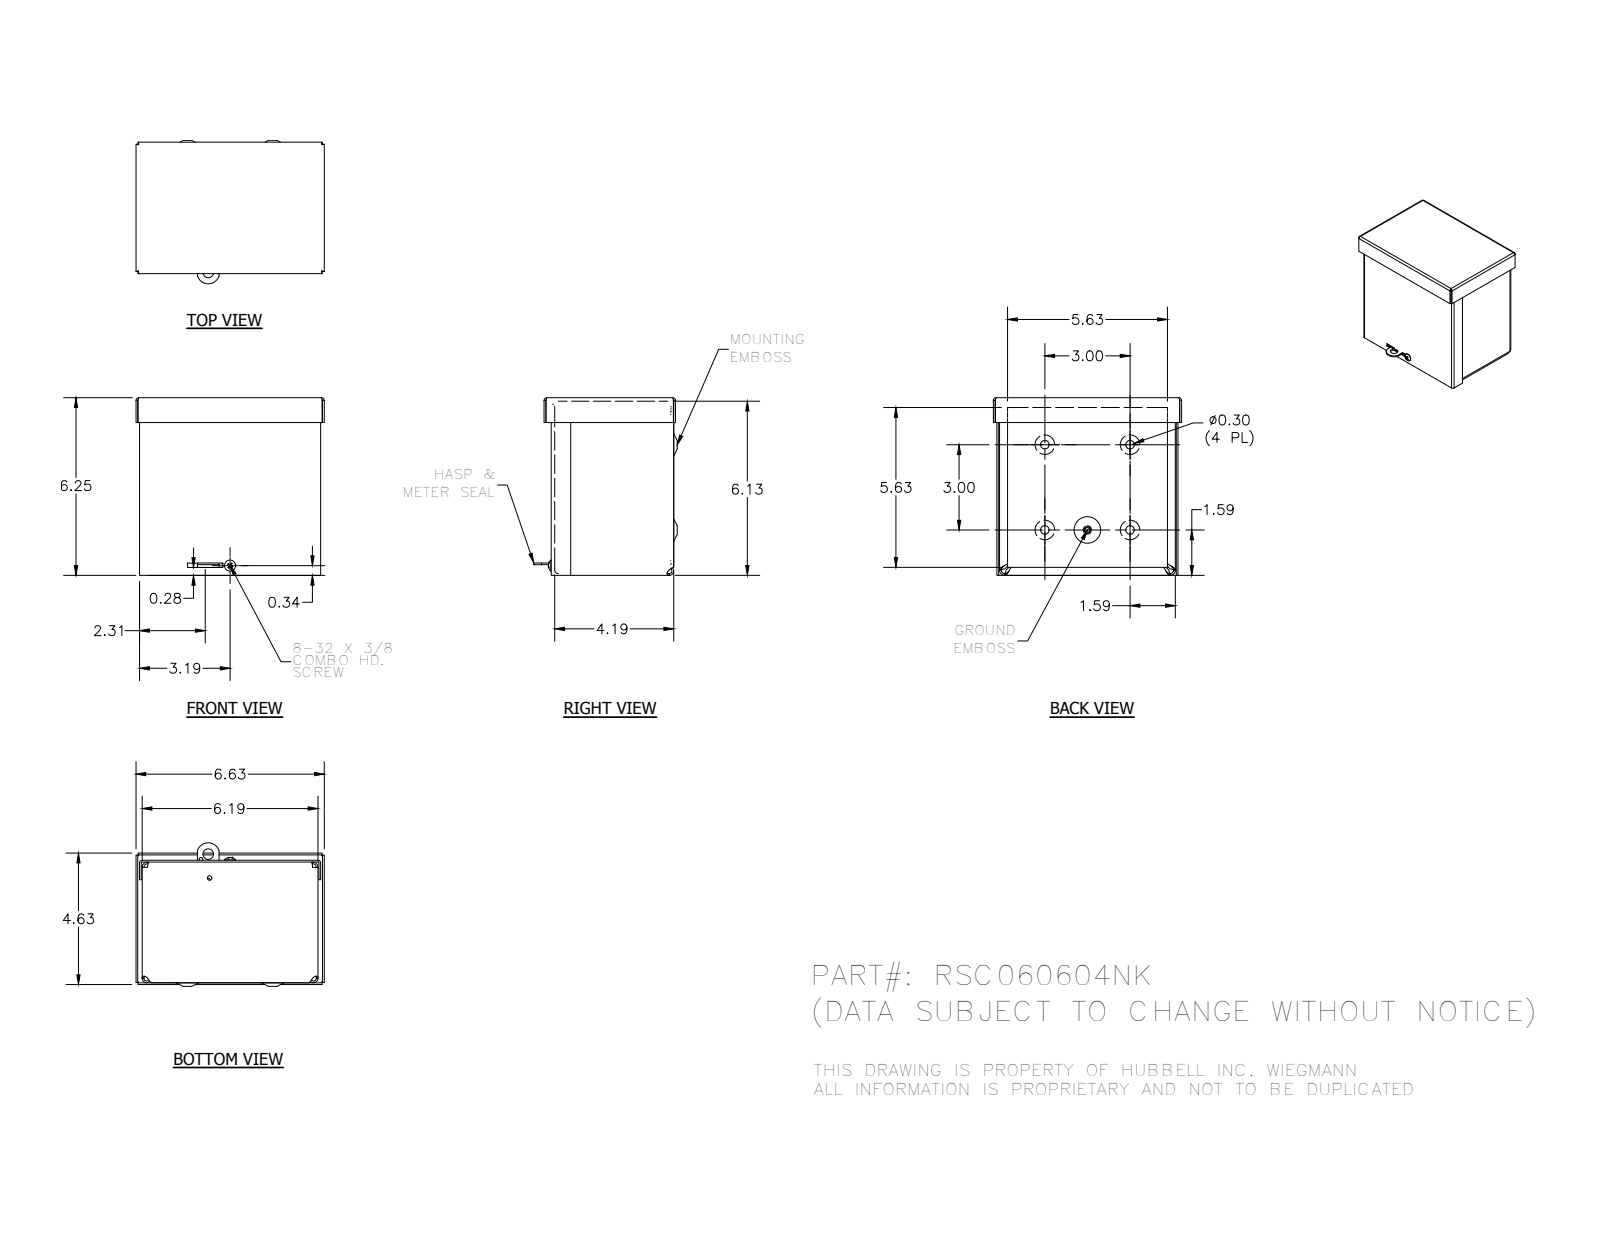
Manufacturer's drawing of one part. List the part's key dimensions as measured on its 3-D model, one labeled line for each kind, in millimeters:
Part name (STEP PRODUCT): RSC060604NK_WRAP; RSC0606NK_LID; RSC0604NK_CAP; 3183 (+3 more)
STEP written by: Autodesk Inventor 2014 (AUTOMOTIVE_DESIGN)
Units: millimetres
Bodies: 6 solids, 347 faces (153 planar, 73 cylindrical, 121 other)
Overall size (bounding box): 168.28 × 158.76 × 130.17
Volume: 263 067 mm³ · Surface area: 340 754 mm²
Round holes (diameter × count): ⌀7.62 ×4, ⌀7.95 ×2, ⌀3.17 ×1, ⌀3.45 ×1, ⌀3.76 ×1, ⌀3.96 ×1, ⌀4.19 ×1, ⌀9.52 ×1
Round bosses / shafts (diameter × count): ⌀9.75 ×1, ⌀5.8 ×1, ⌀4.17 ×1
Partial cylindrical surfaces — rounded edges, fillets, slot ends (radius × count): R0.79 ×8, R2.37 ×8, R3.17 ×8, R4.75 ×8, R1.4 ×4, R1.57 ×4, R2.38 ×4, R2.97 ×4
Main face-to-face distances: 1.58, 155.59, 1.57, 107.93, 157.17, 3.15, 106.35, 1.59, 109.52, 107.94
Hole centre spacings: 76.2, 38.1, 85.19, 107.76, 7.92, 19.73, 23.19, 31.79
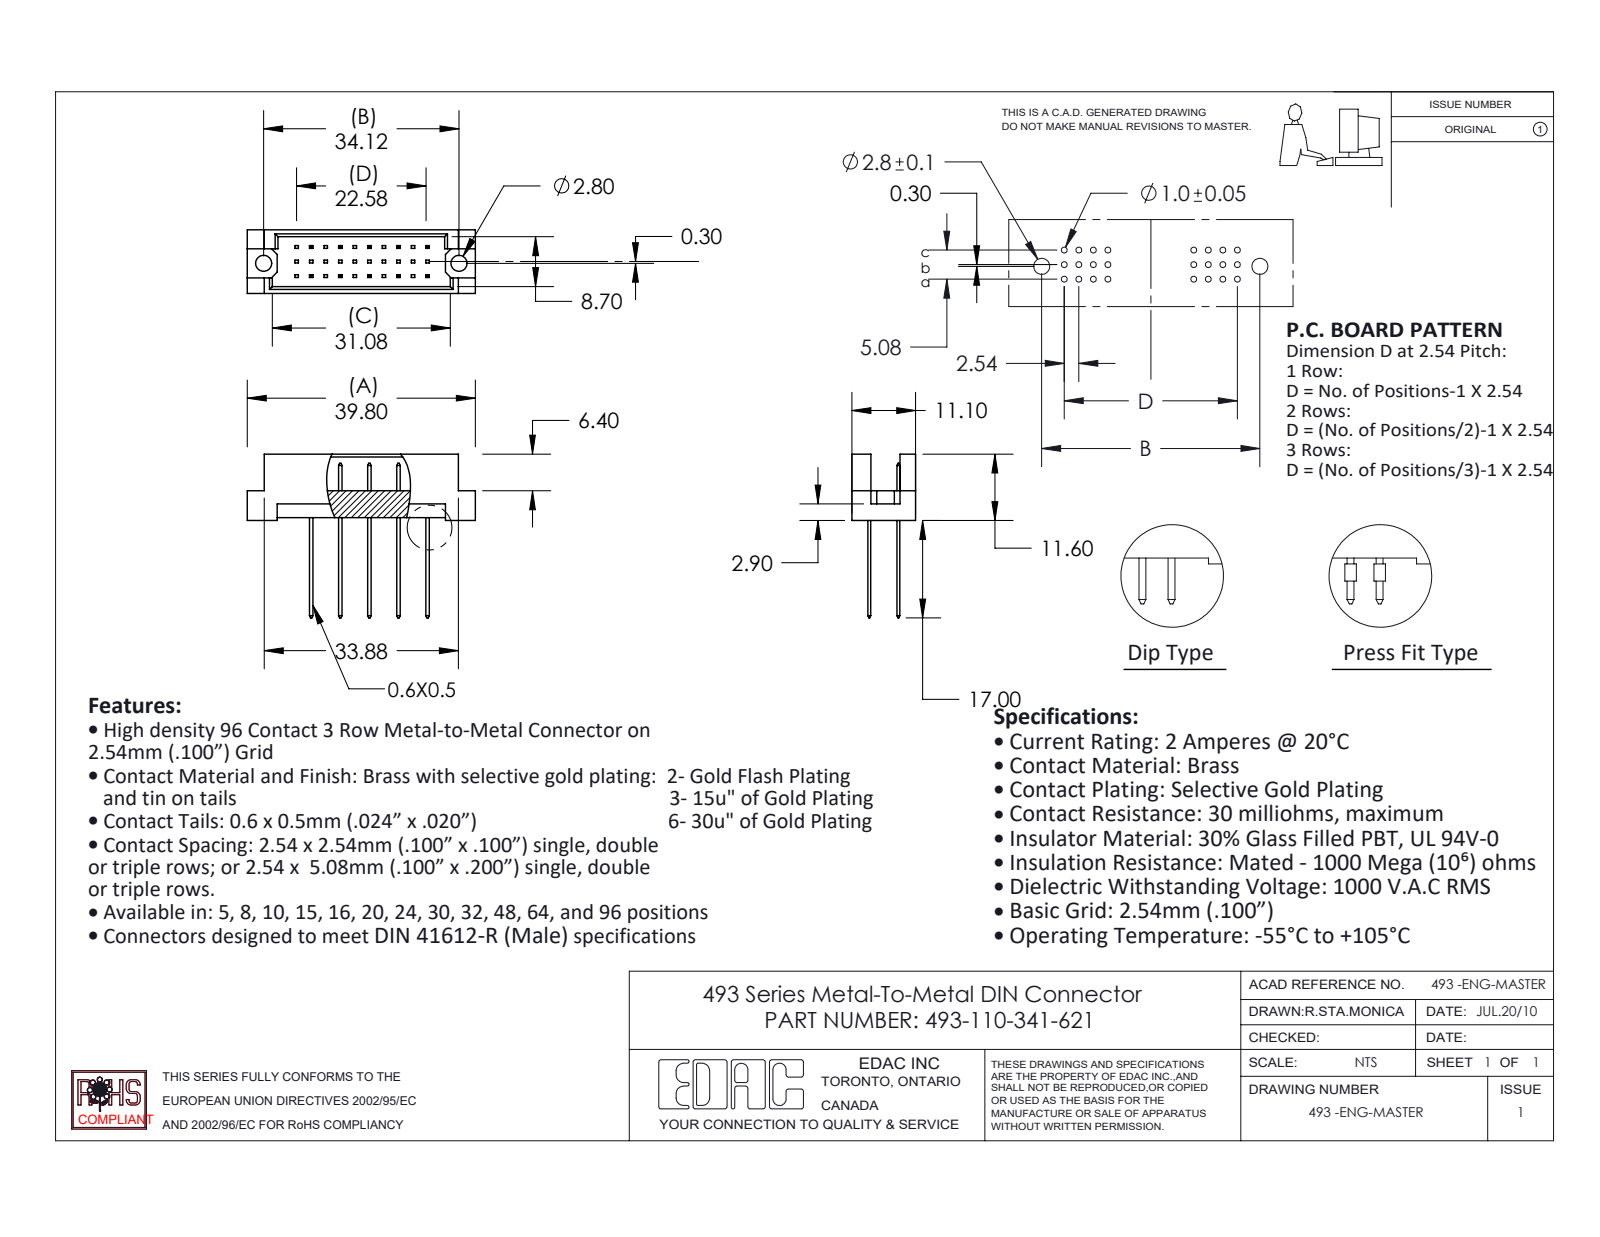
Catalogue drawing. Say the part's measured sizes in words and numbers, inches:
The part is named "493 Part_30; 493-290_41; 493-110-341-621". Its 3-D file was written by "SolidWorks 2020 (CONFIG_CONTROL_DESIGN)". It is 11 solids with 312 faces: 308 planar, 4 cylindrical and 0 other. Overall it measures 1.567 by 1.126 by 0.437 inches. Its volume is 0.15 cubic inches and its surface area 5.158 square inches. Round holes: 2 of diameter 0.11. The main face-to-face distances are 0.2, 0.047, 0.39, 0.437, 0.02, 0.343, 0.185, 0.109, 0.128, 0.309. The hole center spacings are 1.343.

*-*-*

Task:
Repeat the material verbatim but without any of its pictures.

Solution to this task:
Manufacturer's drawing of one part. List the part's key dimensions as measured on its 3-D model, one labeled line for each kind, in millimeters:
Part name (STEP PRODUCT): RSC060604NK_WRAP; RSC0606NK_LID; RSC0604NK_CAP; 3183 (+3 more)
STEP written by: Autodesk Inventor 2014 (AUTOMOTIVE_DESIGN)
Units: millimetres
Bodies: 6 solids, 347 faces (153 planar, 73 cylindrical, 121 other)
Overall size (bounding box): 168.28 × 158.76 × 130.17
Volume: 263 067 mm³ · Surface area: 340 754 mm²
Round holes (diameter × count): ⌀7.62 ×4, ⌀7.95 ×2, ⌀3.17 ×1, ⌀3.45 ×1, ⌀3.76 ×1, ⌀3.96 ×1, ⌀4.19 ×1, ⌀9.52 ×1
Round bosses / shafts (diameter × count): ⌀9.75 ×1, ⌀5.8 ×1, ⌀4.17 ×1
Partial cylindrical surfaces — rounded edges, fillets, slot ends (radius × count): R0.79 ×8, R2.37 ×8, R3.17 ×8, R4.75 ×8, R1.4 ×4, R1.57 ×4, R2.38 ×4, R2.97 ×4
Main face-to-face distances: 1.58, 155.59, 1.57, 107.93, 157.17, 3.15, 106.35, 1.59, 109.52, 107.94
Hole centre spacings: 76.2, 38.1, 85.19, 107.76, 7.92, 19.73, 23.19, 31.79
Catalogue drawing. Say the part's measured sizes in words and numbers, inches:
The part is named "493 Part_30; 493-290_41; 493-110-341-621". Its 3-D file was written by "SolidWorks 2020 (CONFIG_CONTROL_DESIGN)". It is 11 solids with 312 faces: 308 planar, 4 cylindrical and 0 other. Overall it measures 1.567 by 1.126 by 0.437 inches. Its volume is 0.15 cubic inches and its surface area 5.158 square inches. Round holes: 2 of diameter 0.11. The main face-to-face distances are 0.2, 0.047, 0.39, 0.437, 0.02, 0.343, 0.185, 0.109, 0.128, 0.309. The hole center spacings are 1.343.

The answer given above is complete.